━━━━━ Record extracts ━━━━━

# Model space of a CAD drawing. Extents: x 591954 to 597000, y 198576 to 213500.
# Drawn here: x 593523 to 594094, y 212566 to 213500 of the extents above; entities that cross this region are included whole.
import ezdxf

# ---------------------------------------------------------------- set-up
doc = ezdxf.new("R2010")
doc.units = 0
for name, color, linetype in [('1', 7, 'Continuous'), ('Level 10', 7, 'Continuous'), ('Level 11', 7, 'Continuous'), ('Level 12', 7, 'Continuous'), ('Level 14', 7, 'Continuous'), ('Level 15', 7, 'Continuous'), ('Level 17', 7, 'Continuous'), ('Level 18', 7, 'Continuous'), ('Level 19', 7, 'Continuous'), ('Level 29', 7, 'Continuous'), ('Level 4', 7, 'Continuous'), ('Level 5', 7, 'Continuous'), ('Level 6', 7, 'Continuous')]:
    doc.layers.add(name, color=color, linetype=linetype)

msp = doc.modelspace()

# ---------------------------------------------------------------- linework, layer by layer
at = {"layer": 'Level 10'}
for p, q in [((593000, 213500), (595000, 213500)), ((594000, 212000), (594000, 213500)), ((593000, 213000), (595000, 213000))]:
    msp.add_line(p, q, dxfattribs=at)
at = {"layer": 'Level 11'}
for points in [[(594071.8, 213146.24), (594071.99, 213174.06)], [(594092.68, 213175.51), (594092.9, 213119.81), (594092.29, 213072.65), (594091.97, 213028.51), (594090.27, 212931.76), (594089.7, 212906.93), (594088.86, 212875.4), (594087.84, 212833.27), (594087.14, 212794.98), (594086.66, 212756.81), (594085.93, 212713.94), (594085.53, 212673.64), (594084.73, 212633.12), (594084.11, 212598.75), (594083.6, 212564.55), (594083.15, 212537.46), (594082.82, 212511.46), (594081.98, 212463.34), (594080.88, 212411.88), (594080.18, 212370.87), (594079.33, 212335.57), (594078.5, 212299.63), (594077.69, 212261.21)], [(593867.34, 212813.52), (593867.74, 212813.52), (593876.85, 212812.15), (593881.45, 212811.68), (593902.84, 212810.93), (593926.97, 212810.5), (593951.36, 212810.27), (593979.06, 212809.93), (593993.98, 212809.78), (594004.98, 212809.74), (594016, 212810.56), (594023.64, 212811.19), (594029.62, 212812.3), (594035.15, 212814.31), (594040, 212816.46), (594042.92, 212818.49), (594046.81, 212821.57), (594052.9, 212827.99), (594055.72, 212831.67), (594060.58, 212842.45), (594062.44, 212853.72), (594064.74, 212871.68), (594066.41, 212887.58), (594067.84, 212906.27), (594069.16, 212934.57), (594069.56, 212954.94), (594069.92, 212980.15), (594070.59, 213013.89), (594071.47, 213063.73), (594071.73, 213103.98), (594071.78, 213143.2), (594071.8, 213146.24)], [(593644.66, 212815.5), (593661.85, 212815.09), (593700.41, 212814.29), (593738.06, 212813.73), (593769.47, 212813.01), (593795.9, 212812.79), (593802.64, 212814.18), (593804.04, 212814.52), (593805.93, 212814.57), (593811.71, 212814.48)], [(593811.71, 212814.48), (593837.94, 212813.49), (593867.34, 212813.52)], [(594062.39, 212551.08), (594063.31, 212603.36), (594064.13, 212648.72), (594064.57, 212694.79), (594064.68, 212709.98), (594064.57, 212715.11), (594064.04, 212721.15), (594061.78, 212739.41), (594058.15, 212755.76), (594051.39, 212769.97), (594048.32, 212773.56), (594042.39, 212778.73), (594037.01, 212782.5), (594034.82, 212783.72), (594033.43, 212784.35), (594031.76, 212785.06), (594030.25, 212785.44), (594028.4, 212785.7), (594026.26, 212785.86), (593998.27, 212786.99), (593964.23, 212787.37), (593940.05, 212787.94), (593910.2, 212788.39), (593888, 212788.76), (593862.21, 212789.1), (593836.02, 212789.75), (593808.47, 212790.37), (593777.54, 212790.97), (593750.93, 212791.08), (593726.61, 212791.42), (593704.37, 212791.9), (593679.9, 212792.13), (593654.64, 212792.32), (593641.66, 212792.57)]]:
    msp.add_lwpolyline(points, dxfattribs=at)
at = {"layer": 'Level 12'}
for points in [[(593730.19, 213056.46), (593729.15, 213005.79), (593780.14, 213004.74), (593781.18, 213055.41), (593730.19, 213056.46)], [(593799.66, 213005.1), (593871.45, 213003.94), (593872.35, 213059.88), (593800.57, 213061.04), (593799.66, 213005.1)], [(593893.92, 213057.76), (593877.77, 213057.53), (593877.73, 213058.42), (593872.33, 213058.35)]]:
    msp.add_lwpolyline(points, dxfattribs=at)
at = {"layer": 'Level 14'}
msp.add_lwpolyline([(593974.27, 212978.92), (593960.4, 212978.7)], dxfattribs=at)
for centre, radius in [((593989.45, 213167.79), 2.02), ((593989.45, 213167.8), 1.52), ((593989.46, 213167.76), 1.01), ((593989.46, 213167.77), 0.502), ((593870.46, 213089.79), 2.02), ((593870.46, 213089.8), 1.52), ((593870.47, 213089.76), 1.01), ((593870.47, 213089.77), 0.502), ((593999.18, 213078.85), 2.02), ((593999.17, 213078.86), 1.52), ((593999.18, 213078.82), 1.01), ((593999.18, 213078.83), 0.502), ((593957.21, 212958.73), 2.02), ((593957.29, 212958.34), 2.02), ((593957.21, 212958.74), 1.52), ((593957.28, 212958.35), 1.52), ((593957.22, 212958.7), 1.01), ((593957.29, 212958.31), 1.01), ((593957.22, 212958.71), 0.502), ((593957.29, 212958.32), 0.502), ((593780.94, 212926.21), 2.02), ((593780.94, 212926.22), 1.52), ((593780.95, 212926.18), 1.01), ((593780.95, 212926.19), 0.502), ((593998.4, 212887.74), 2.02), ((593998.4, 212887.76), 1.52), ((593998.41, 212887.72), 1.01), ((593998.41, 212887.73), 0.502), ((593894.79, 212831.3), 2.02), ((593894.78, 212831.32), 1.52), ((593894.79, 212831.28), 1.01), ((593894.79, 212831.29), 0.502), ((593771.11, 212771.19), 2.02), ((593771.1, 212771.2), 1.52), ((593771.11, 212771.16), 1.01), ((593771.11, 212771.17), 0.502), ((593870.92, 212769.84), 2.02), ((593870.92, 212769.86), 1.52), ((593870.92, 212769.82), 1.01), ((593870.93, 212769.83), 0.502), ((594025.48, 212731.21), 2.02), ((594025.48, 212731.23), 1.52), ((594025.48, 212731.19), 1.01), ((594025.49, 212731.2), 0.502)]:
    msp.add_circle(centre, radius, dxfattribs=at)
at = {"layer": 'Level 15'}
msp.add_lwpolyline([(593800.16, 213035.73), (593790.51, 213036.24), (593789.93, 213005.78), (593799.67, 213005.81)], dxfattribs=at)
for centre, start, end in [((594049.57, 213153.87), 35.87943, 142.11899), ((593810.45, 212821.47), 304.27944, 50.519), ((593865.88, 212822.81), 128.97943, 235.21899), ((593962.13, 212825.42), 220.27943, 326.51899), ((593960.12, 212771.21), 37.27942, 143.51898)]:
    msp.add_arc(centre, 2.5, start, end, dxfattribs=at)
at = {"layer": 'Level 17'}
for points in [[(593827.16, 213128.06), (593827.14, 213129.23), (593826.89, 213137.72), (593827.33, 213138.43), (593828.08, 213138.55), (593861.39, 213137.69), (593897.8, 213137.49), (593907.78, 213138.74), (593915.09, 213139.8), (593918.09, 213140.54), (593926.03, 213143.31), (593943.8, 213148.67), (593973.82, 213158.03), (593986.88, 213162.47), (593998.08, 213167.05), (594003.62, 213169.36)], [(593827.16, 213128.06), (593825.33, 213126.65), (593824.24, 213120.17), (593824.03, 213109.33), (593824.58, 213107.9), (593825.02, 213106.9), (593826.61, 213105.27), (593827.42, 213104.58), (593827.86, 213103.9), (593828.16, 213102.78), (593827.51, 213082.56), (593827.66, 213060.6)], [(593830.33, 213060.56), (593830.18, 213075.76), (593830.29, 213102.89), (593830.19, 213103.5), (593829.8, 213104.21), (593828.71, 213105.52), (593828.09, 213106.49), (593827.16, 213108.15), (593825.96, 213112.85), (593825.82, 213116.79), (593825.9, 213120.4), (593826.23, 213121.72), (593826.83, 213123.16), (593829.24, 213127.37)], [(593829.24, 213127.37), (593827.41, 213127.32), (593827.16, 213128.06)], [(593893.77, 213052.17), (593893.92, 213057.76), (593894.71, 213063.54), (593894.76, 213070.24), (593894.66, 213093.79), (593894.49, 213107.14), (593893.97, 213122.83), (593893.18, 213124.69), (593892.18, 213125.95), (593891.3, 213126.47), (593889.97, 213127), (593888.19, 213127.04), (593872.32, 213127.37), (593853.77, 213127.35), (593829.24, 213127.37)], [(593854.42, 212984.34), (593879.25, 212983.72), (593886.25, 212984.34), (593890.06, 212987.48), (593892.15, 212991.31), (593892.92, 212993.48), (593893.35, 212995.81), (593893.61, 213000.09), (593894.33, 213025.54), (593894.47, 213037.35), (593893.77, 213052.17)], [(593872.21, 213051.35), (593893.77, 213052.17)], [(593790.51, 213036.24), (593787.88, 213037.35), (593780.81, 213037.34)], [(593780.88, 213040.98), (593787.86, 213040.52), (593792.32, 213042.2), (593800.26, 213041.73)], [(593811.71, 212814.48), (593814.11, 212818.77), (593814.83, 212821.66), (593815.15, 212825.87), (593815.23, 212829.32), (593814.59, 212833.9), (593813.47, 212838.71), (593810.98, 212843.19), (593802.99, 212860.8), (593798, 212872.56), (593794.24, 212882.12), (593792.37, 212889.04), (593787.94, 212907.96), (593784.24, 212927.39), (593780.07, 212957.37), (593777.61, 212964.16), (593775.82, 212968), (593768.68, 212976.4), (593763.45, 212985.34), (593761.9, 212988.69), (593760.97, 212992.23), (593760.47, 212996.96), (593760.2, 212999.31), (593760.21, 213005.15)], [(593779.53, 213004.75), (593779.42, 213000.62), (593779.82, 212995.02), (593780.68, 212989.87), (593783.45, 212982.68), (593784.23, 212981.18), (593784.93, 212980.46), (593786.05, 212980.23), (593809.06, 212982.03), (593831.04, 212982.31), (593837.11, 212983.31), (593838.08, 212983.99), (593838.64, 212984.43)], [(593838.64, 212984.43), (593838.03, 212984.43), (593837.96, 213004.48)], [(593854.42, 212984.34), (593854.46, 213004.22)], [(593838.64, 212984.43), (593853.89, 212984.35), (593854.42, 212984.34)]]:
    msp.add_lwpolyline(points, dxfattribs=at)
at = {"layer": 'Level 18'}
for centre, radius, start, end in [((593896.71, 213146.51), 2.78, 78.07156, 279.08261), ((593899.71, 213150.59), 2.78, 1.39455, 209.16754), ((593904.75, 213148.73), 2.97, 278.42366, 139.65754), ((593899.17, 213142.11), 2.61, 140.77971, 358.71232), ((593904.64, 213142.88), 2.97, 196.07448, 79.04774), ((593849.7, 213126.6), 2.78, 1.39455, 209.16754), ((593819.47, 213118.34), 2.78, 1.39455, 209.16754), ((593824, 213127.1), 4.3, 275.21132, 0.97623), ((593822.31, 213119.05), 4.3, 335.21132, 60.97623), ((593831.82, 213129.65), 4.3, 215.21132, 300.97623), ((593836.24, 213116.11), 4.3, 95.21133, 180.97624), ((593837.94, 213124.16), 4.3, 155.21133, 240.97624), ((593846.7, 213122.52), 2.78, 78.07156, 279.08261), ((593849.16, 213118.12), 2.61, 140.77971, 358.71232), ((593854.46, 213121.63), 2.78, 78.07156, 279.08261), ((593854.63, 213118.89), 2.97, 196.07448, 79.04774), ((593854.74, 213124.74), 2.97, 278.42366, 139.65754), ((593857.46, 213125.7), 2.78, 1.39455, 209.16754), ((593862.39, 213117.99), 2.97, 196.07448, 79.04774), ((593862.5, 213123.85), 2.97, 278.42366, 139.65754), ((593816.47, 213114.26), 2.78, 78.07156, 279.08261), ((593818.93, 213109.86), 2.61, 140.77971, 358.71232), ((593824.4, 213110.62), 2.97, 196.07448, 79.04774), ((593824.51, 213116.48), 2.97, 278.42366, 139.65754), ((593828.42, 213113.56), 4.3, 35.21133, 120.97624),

━━━━━

Task goal: Count every line in the listing above where the string "linetype" occurs, and report the count and nothing more.

Solved exercise: 2